Administrasi Negara

Keputusan Fiktif Positif dan Negatif

Ramos Perisai
998
×

Keputusan Fiktif Positif dan Negatif

Sebarkan artikel ini
Keputusan Fiktif Positif dan Negatif
(Sumber: Unsplash/Saul Bucio)

Literasi Hukum – Pahami bagaimana peranan keputusan fiktif positif dan negatif dalam administrasi pemerintahan Indonesia.

Selayang Pandang Keputusan Fiktif

Keputusan fiktif berkaitan erat dengan penerbitan keputusan tata usaha negara dalam penyelenggaraan pemerintahan.

Secara esensial, keputusan fiktif merupakan sikap diam dari pemerintah terhadap permohonan yang diajukan oleh pihak tertentu atas suatu keputusan tata usaha negara.

Keputusan fiktif adalah keputusan tata usaha negara yang “semu”. Kita tidak dapat melihatnya secara kasat mata, tetapi kita mampu memahami keberadaannya melalui penafsiran atas sikap pemerintah dalam permohonan keputusan.

Melalui artikel jurnal berjudul Perkara Fiktif Positif dan Permasalahan Hukumnya, Enrico Simanjuntak mengemukakan bahwa keputusan fiktif eksis berdasarkan prinsip lex silentio, yaitu otorisasi diam-diam yang diberikan oleh pemerintah dalam pengajuan perizinan.

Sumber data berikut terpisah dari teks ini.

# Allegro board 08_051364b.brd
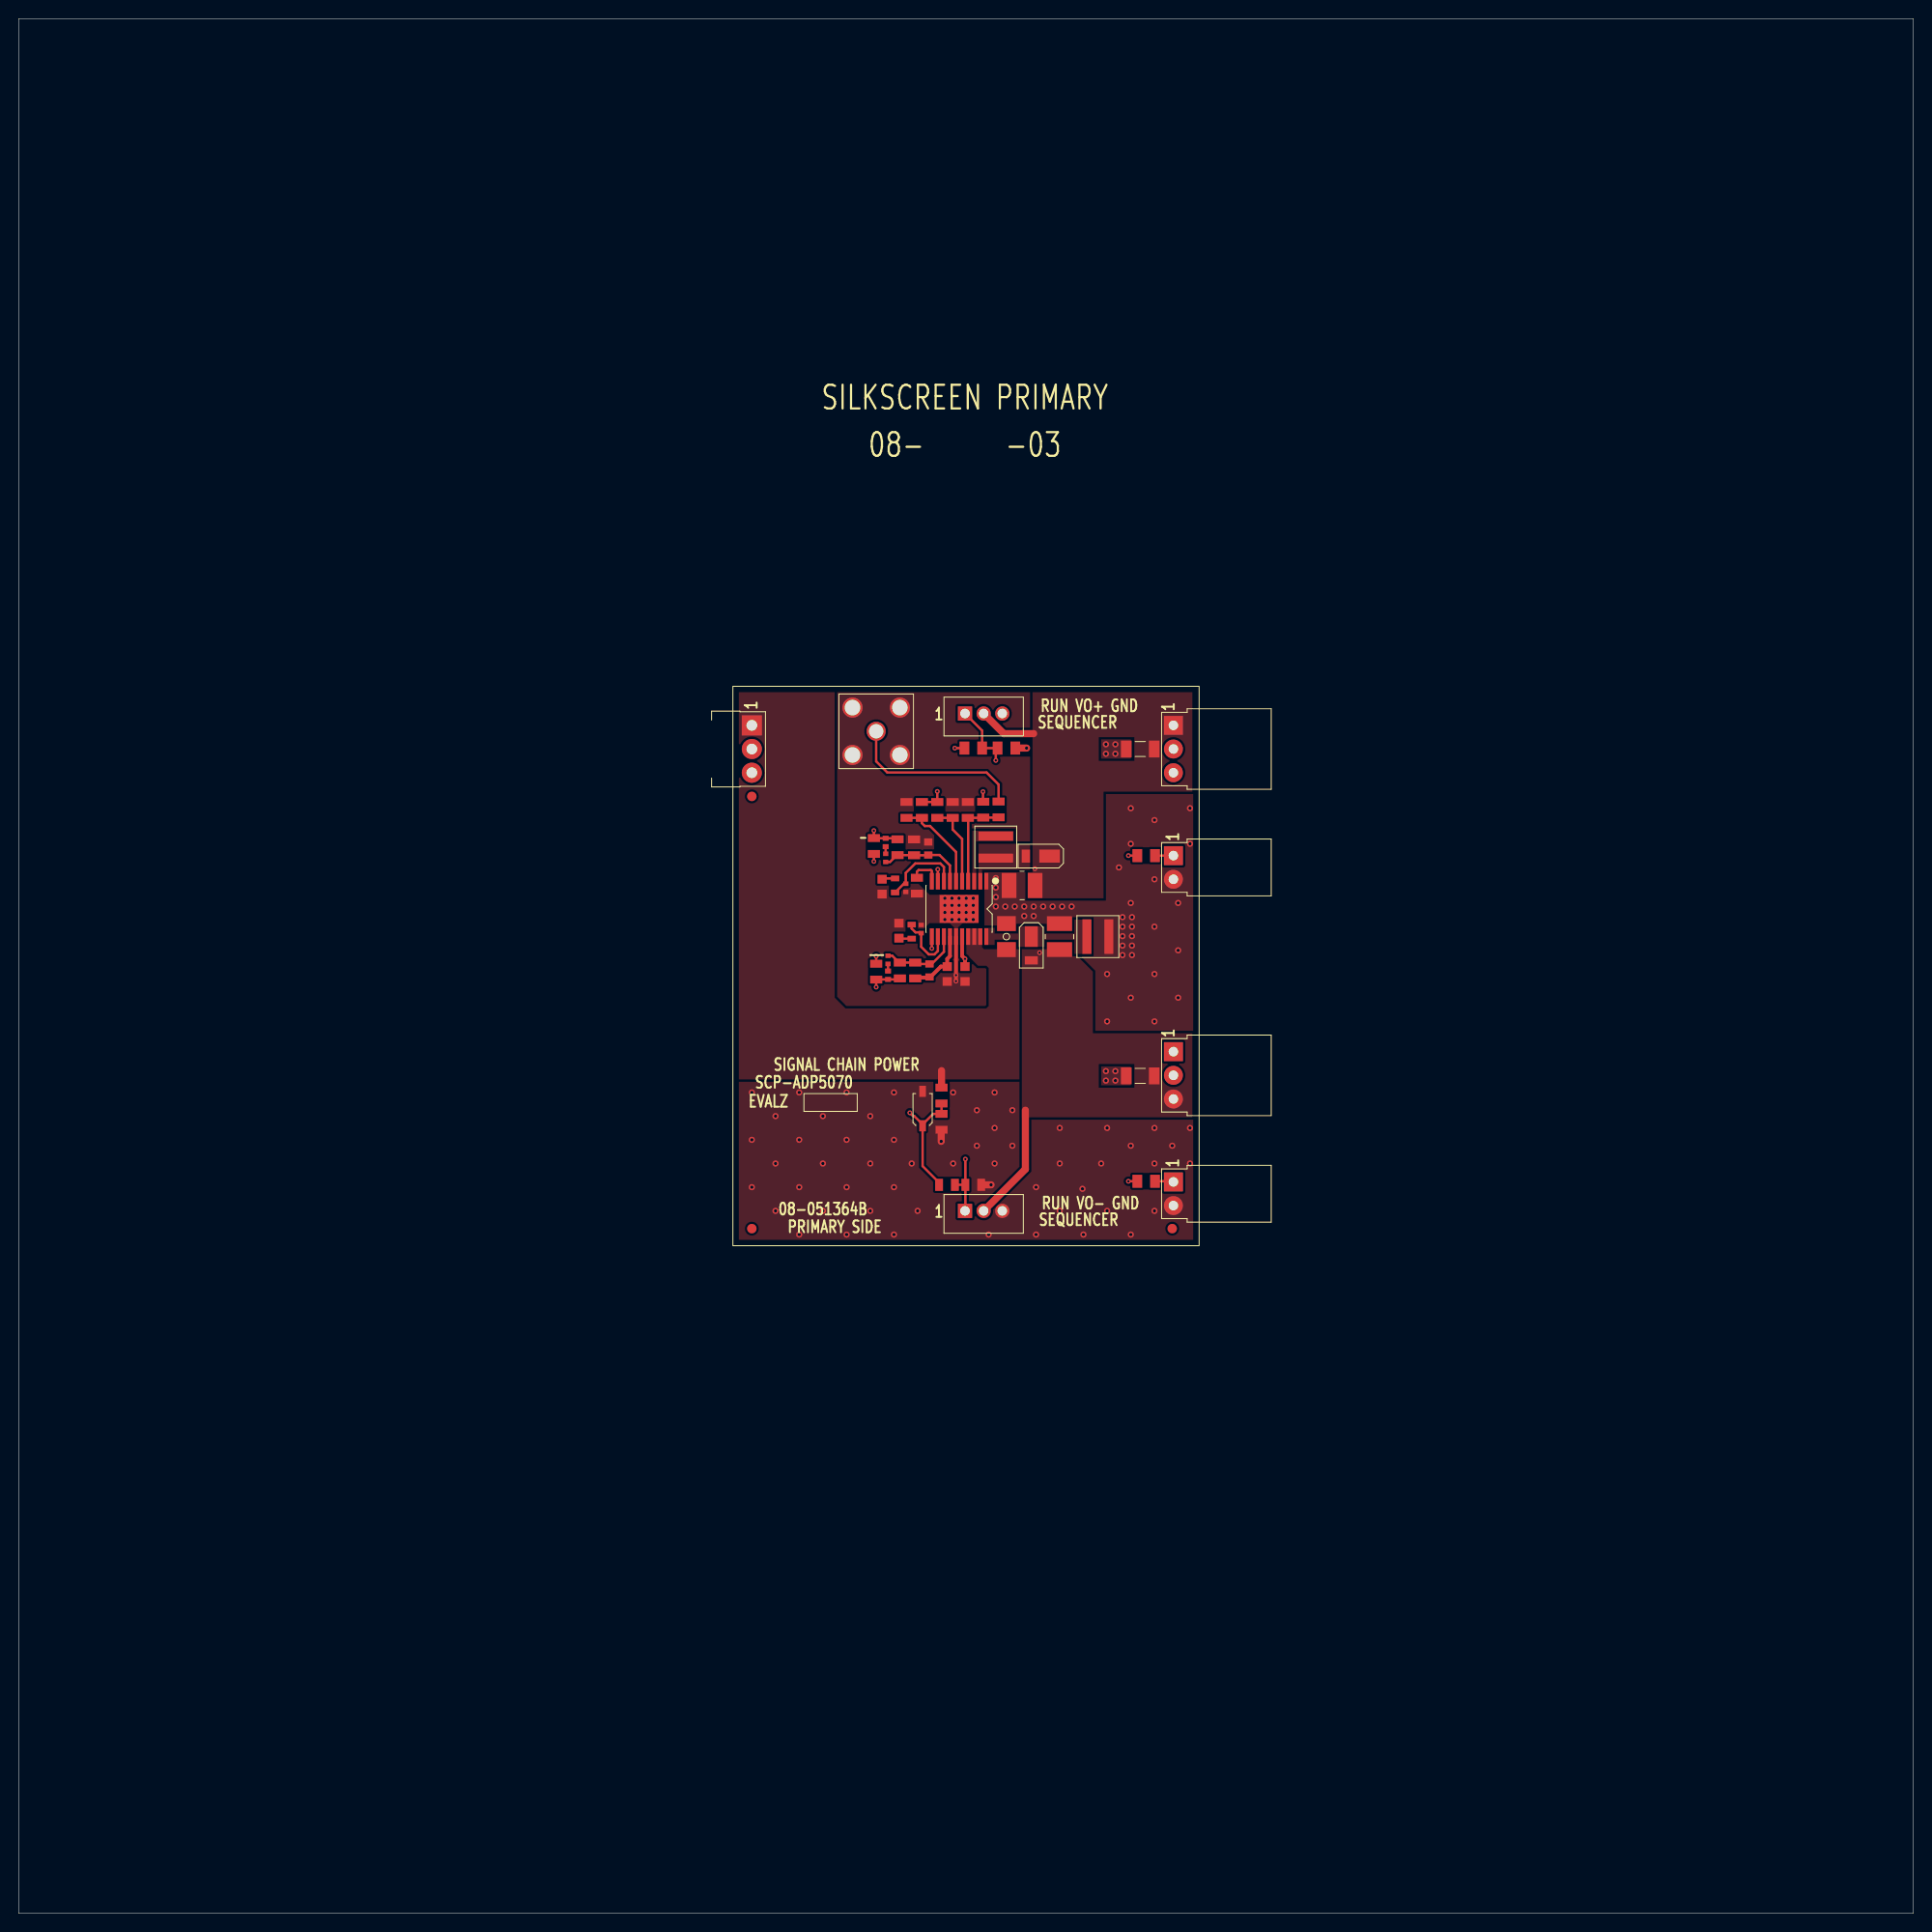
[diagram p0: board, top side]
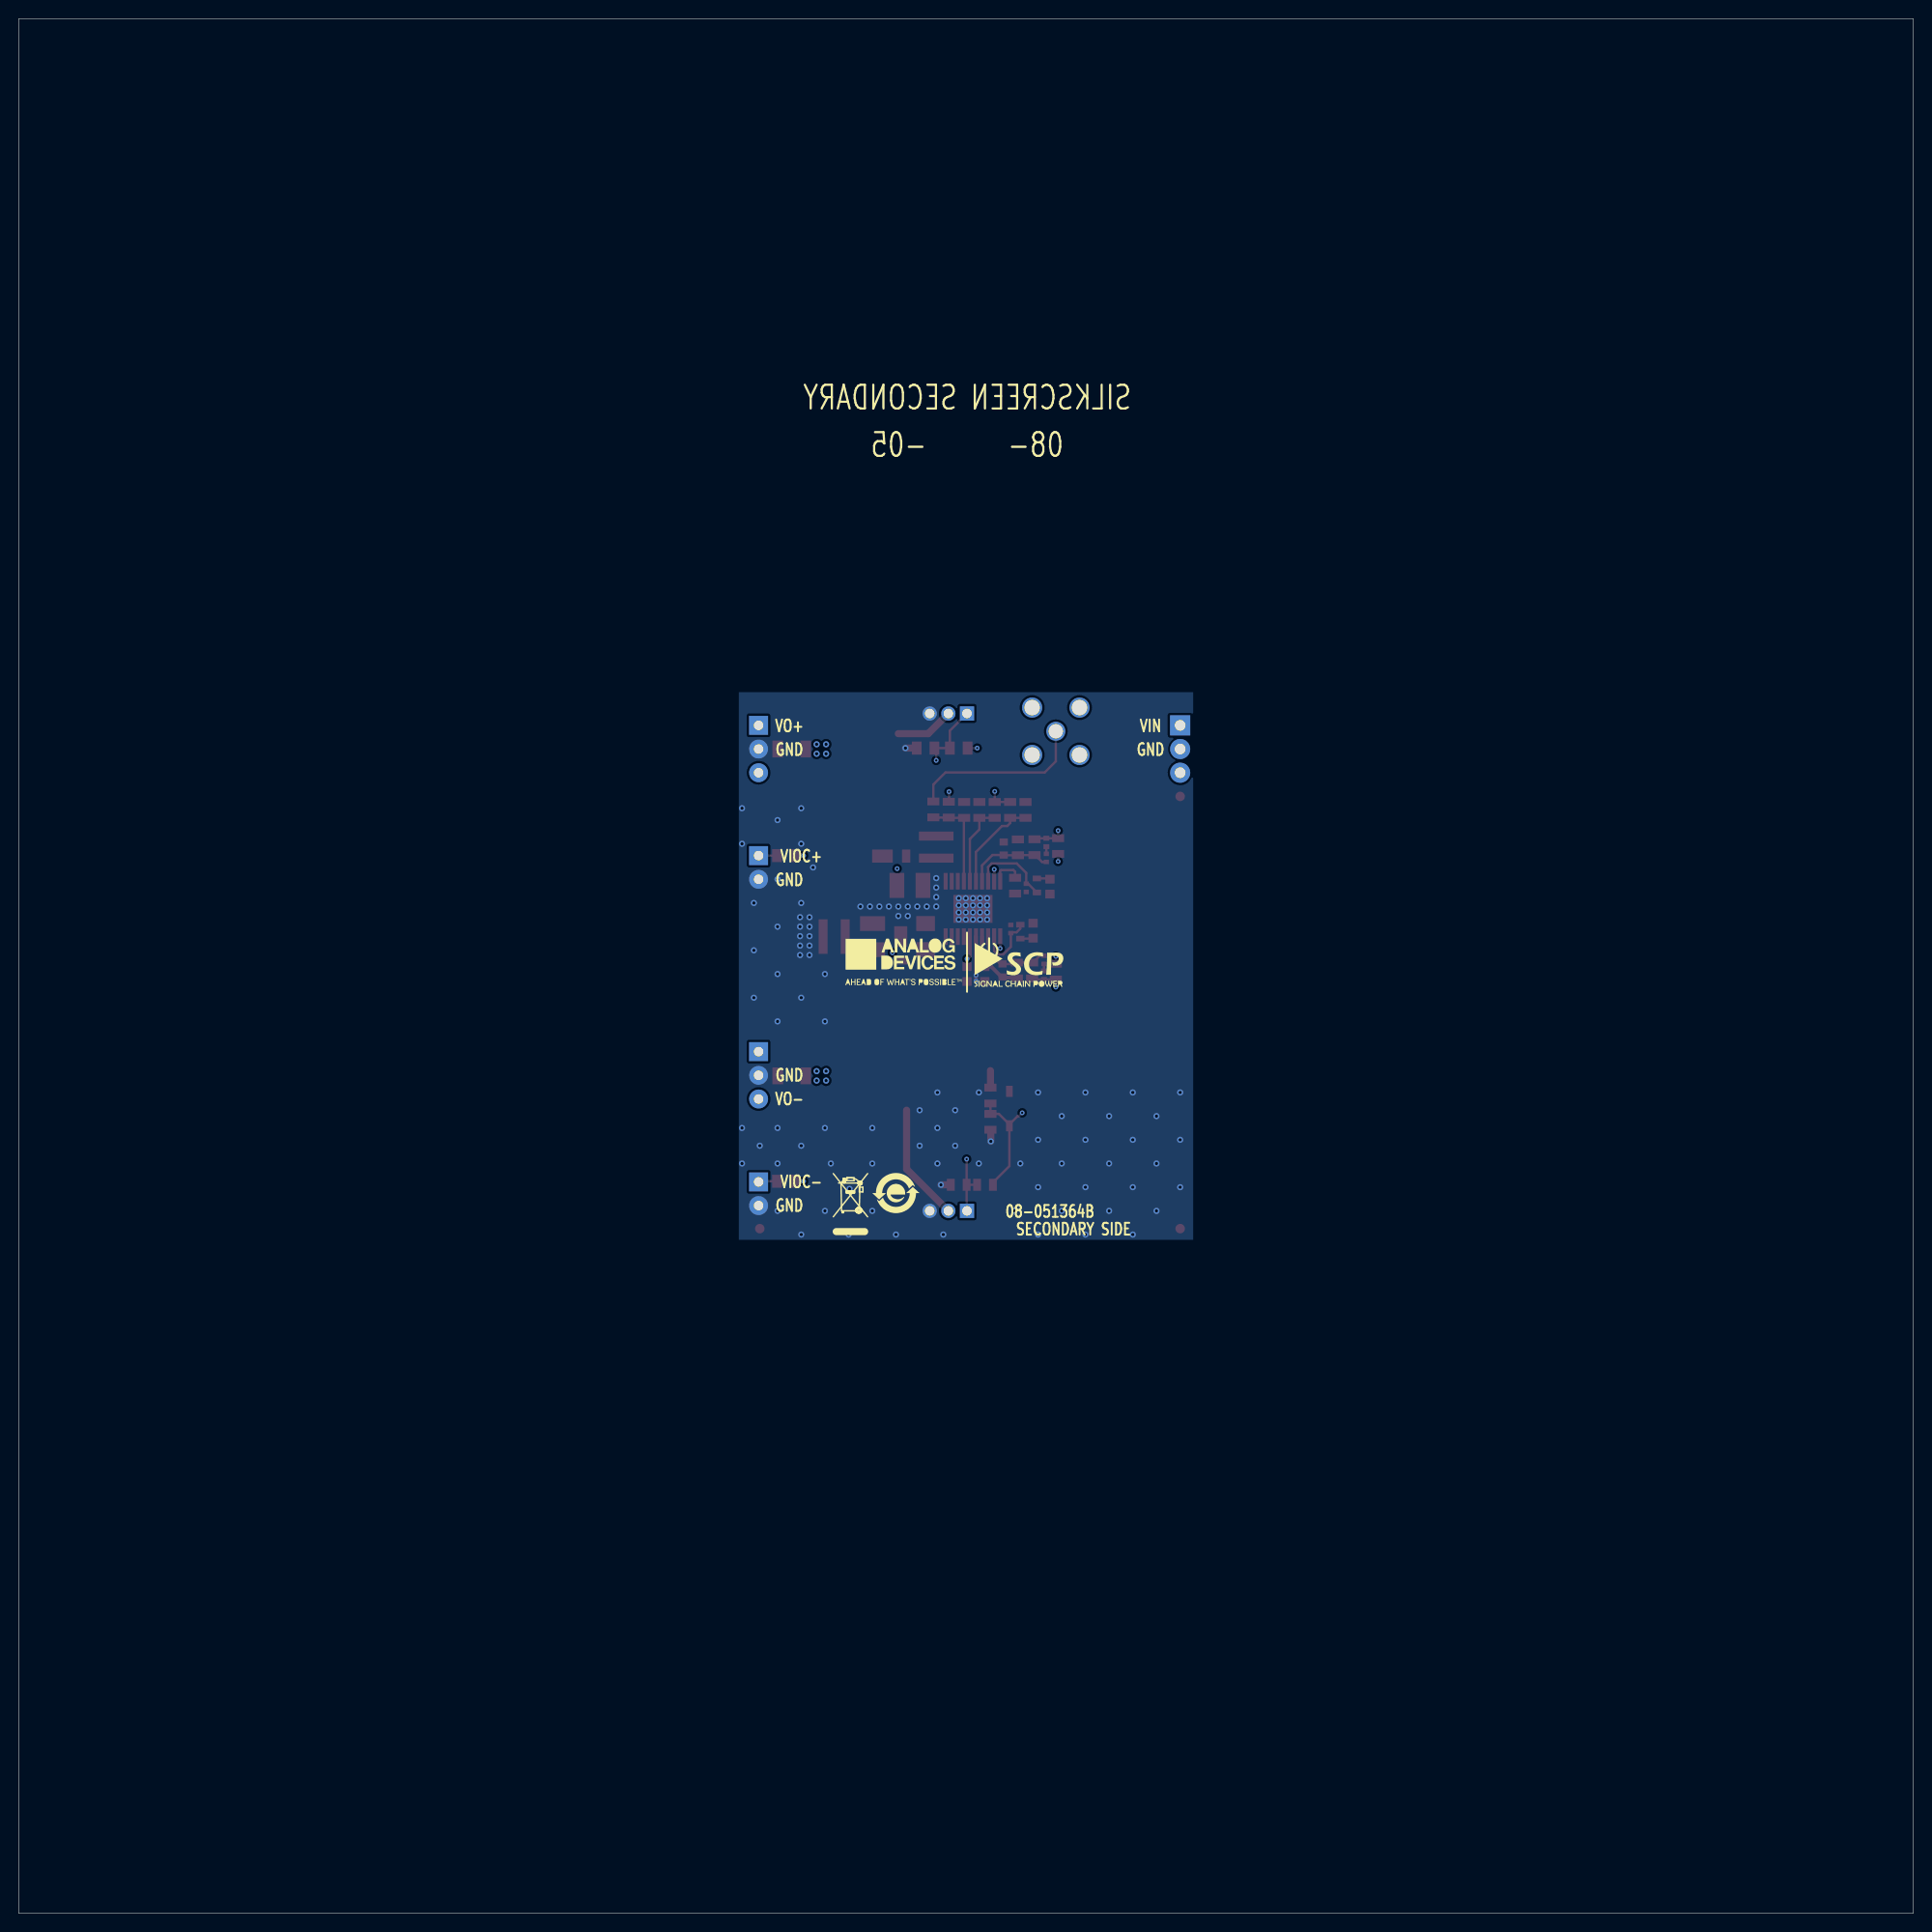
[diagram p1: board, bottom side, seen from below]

Outline 203.2 x 203.2 mm; copper layers: TOP, L2_GND, L3_SIG, BOTTOM. Coordinates in mm from the lower left corner of the outline.
Outline path: 0,203.2 203.2,203.2 203.2,0 0,0 0,203.2

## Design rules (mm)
constraint set DEFAULT: min track width 0.203

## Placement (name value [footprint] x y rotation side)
CC1  0.047uF  [C0603]  92.6 110.11 90 top
CC2  0.068uF  [C0603]  94.41 105.39 270 top
CFF1  TBD0402  [C0402]  92.98 113.2 270 top
CFF2  TBD0402  [C0402]  93.24 102.26 270 top
CHF3  TBD0402  [C0402]  95.14 109.98 270 top
CHF4  TBD0402  [C0402]  96.79 105.56 90 top
CIN1  10UF  [C1206H71]  105.94 104.75 90 top
COPT1  TBD0603  [C0603#2]  97.56 114.2 90 top
COPT2  TBD0603  [C0603#2]  97.68 101.12 90 top
COUT1  10uF  [C1210-2]  107.61 110.24 180 top
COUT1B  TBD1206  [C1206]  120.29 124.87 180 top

Prinsip ini diterapkan oleh otoritas kawasan Uni Eropa.

Banyak pelaku usaha yang berjibaku dengan perizinan dalam menjalankan kegiatan usahanya. Terkadang, perizinan menjadi salah satu kendala dan secara kolektif kendala ini berpotensi menahan laju pertumbuhan ekonomi terutama di kawasan tertentu. Dengan adanya keputusan, masalah tersebut dapat diatasi.

Negara-negara di Uni Eropa menerapkan keputusan fiktif sebagai upaya untuk menyederhanakan prosedur administrasi. Keputusan menjadi jaminan penting bagi pelaku usaha dan masyarakat dalam aktivitas ekonomi, yang pada akhirnya mendorong laju pertumbuhan ekonomi di tingkat regional.

Di Indonesia, kita dapat melihat pengaturan keputusan fiktif melalui 2 peraturan. Pertama, Undang-Undang Nomor 30 Tahun 2014 tentang Administrasi Pemerintahan (“UU Administrasi Pemerintahan”). Kedua, Undang-Undang Nomor 5 Tahun 1986 tentang Peradilan Tata Usaha Negara (“UU PTUN”) yang telah diubah melalui UU 9/2004 dan perubahan kedua melalui UU 51/2009.

Kedua peraturan tersebut membagi keputusan fiktif menjadi 2 bentuk, yaitu fiktif positif dan fiktif negatif.

Keputusan Fiktif Positif

Fiktif positif adalah keputusan yang secara otomatis timbul berdasarkan permohonan yang tidak ditanggapi oleh pejabat setelah batas waktu yang ditentukan peraturan perundang-undangan.

Pengaturan fiktif positif terdapat dalam Pasal 53 ayat (1), (2), dan (3) dari UU Administrasi Pemerintahan yang berbunyi sebagai berikut.

(1) Batas waktu kewajiban untuk menetapkan dan/atau melakukan Keputusan dan/atau Tindakan sesuai dengan ketentuan peraturan perundang-undangan.
(2) Jika ketentuan peraturan perundang-undangan tidak menentukan batas waktu kewajiban sebagaimana dimaksud pada ayat (1), maka Badan dan/atau Pejabat Pemerintahan wajib menetapkan dan/atau melakukan Keputusan dan/atau Tindakan dalam waktu paling lama 10 (sepuluh) hari kerja setelah permohonan diterima secara lengkap oleh Badan dan/atau Pejabat Pemerintahan.
(3) Apabila dalam batas waktu sebagaimana dimaksud pada ayat (2), Badan dan/atau Pejabat Pemerintahan tidak menetapkan dan/atau melakukan Keputusan dan/atau Tindakan, maka permohonan tersebut dianggap dikabulkan secara hukum.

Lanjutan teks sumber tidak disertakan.